What the task asks: Only the lines running from the line with "Projection = 25 mm" to the end of the records below belong in the answer, each copied exactly.

Supplied records:
____

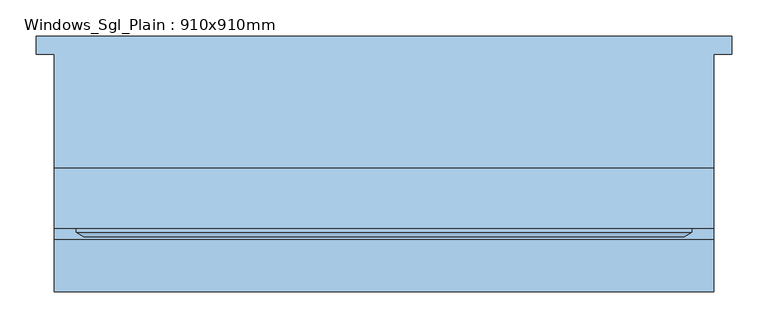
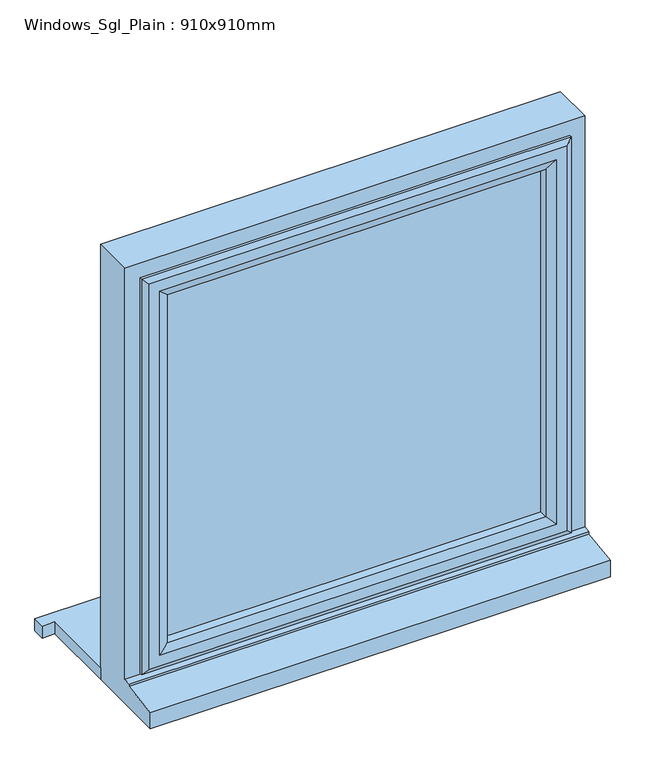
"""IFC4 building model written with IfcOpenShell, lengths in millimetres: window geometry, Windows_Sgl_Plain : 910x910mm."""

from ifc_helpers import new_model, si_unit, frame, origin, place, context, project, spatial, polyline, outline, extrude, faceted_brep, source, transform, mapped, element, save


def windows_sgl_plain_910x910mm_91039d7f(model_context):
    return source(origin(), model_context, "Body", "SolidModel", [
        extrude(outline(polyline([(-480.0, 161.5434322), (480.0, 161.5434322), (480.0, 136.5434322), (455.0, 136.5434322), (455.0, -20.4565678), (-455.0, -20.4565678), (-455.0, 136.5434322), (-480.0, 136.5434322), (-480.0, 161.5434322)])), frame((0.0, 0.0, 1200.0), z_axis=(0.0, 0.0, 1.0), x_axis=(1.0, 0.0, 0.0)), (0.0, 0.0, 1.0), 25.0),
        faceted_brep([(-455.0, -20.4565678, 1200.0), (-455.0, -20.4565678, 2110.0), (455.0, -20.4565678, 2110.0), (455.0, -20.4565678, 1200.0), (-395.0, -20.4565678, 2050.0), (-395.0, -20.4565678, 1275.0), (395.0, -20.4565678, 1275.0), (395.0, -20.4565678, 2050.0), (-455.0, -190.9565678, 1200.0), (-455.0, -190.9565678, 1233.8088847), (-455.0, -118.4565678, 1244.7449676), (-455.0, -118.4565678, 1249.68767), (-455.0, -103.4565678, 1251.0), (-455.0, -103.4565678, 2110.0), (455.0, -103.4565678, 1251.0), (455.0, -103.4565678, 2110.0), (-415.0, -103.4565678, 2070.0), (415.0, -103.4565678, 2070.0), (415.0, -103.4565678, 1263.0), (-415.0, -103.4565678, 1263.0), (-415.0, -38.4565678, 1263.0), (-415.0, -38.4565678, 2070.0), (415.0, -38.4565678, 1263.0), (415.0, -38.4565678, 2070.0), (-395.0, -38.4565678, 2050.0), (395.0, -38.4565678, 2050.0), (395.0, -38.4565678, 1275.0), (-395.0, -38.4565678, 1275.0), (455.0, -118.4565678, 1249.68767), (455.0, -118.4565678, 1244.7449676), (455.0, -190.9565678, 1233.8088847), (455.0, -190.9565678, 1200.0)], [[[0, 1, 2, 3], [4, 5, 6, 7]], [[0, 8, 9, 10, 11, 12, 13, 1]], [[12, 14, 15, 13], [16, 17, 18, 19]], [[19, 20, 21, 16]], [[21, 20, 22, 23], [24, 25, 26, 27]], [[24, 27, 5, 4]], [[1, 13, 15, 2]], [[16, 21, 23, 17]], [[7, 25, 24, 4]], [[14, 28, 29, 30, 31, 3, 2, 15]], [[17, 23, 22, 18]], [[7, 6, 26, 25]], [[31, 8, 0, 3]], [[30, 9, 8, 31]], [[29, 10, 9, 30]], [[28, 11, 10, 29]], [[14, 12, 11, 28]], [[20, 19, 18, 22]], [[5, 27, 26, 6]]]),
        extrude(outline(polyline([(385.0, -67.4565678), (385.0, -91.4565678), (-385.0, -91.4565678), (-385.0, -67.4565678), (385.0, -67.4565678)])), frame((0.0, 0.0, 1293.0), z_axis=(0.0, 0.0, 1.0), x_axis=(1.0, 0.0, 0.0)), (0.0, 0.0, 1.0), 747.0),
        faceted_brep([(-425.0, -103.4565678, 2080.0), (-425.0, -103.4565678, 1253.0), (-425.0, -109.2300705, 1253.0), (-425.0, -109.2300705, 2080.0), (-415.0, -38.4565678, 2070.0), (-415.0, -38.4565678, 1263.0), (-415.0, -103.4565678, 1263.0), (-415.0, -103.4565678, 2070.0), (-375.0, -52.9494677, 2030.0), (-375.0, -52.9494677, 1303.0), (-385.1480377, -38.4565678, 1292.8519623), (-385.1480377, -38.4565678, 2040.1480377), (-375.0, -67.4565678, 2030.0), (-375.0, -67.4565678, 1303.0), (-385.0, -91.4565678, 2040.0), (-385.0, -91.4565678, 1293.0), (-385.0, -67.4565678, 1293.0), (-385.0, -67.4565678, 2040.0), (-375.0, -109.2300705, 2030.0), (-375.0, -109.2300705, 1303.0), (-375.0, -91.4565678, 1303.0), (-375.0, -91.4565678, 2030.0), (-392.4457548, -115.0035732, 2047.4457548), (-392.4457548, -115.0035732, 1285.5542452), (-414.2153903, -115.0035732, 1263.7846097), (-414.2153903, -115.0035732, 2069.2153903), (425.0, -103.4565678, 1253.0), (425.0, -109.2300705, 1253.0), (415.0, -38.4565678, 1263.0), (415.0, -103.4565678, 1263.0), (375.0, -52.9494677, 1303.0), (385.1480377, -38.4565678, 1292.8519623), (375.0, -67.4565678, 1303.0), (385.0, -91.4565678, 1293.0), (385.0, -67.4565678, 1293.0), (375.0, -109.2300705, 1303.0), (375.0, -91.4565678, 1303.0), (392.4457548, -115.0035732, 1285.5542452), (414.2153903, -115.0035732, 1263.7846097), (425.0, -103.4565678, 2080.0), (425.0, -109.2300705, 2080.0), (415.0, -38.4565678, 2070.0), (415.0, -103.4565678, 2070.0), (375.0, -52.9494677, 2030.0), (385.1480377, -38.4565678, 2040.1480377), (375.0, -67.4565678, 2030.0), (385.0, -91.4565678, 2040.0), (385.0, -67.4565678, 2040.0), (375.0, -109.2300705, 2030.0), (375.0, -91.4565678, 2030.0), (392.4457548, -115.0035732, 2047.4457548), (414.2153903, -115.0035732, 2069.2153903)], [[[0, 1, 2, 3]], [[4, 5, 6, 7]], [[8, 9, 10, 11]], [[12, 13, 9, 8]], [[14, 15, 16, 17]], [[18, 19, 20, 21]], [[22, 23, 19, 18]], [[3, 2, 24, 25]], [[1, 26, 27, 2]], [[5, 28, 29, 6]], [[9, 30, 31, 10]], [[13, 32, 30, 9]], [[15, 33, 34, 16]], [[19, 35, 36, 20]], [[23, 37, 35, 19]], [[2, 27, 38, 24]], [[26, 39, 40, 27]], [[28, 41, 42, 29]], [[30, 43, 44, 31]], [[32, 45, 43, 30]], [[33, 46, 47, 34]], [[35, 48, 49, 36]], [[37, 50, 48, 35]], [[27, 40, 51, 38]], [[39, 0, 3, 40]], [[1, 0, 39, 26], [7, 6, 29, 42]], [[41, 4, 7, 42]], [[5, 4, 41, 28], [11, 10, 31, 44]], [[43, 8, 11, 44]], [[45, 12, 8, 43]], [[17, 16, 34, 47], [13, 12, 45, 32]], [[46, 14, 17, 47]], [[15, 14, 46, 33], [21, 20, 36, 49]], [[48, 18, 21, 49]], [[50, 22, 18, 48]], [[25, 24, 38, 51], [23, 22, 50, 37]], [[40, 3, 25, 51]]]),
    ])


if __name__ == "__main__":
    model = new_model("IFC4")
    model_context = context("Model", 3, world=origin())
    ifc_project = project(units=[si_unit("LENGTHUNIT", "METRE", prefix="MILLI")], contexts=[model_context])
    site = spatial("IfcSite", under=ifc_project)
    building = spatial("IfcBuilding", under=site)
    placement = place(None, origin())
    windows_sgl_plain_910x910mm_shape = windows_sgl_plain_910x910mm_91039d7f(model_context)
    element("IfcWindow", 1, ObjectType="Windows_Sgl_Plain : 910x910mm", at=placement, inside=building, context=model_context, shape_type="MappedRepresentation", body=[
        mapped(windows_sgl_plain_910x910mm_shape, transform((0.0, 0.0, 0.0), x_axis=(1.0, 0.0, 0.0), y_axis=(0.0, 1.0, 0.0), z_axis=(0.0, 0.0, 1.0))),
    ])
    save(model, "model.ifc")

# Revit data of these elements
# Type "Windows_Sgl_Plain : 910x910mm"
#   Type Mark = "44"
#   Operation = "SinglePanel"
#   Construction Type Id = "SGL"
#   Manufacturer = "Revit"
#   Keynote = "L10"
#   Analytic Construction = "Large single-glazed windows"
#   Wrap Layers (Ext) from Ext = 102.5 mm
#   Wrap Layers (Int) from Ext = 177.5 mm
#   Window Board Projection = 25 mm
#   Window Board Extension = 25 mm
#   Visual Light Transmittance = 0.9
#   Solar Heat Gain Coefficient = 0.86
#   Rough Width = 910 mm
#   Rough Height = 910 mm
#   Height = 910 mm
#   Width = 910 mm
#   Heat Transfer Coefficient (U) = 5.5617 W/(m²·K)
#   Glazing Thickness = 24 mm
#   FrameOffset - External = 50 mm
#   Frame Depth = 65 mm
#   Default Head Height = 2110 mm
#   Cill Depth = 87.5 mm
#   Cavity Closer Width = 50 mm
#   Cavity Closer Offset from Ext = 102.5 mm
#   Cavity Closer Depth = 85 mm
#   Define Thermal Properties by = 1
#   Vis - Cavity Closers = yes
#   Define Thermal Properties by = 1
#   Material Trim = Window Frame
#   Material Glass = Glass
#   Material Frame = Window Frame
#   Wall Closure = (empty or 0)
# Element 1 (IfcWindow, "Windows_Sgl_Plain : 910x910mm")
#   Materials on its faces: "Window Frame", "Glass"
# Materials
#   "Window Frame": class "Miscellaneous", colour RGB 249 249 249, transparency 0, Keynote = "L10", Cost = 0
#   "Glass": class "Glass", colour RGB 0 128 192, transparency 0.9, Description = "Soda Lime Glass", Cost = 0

____

Task result:
#   Window Board Projection = 25 mm
#   Window Board Extension = 25 mm
#   Visual Light Transmittance = 0.9
#   Solar Heat Gain Coefficient = 0.86
#   Rough Width = 910 mm
#   Rough Height = 910 mm
#   Height = 910 mm
#   Width = 910 mm
#   Heat Transfer Coefficient (U) = 5.5617 W/(m²·K)
#   Glazing Thickness = 24 mm
#   FrameOffset - External = 50 mm
#   Frame Depth = 65 mm
#   Default Head Height = 2110 mm
#   Cill Depth = 87.5 mm
#   Cavity Closer Width = 50 mm
#   Cavity Closer Offset from Ext = 102.5 mm
#   Cavity Closer Depth = 85 mm
#   Define Thermal Properties by = 1
#   Vis - Cavity Closers = yes
#   Define Thermal Properties by = 1
#   Material Trim = Window Frame
#   Material Glass = Glass
#   Material Frame = Window Frame
#   Wall Closure = (empty or 0)
# Element 1 (IfcWindow, "Windows_Sgl_Plain : 910x910mm")
#   Materials on its faces: "Window Frame", "Glass"
# Materials
#   "Window Frame": class "Miscellaneous", colour RGB 249 249 249, transparency 0, Keynote = "L10", Cost = 0
#   "Glass": class "Glass", colour RGB 0 128 192, transparency 0.9, Description = "Soda Lime Glass", Cost = 0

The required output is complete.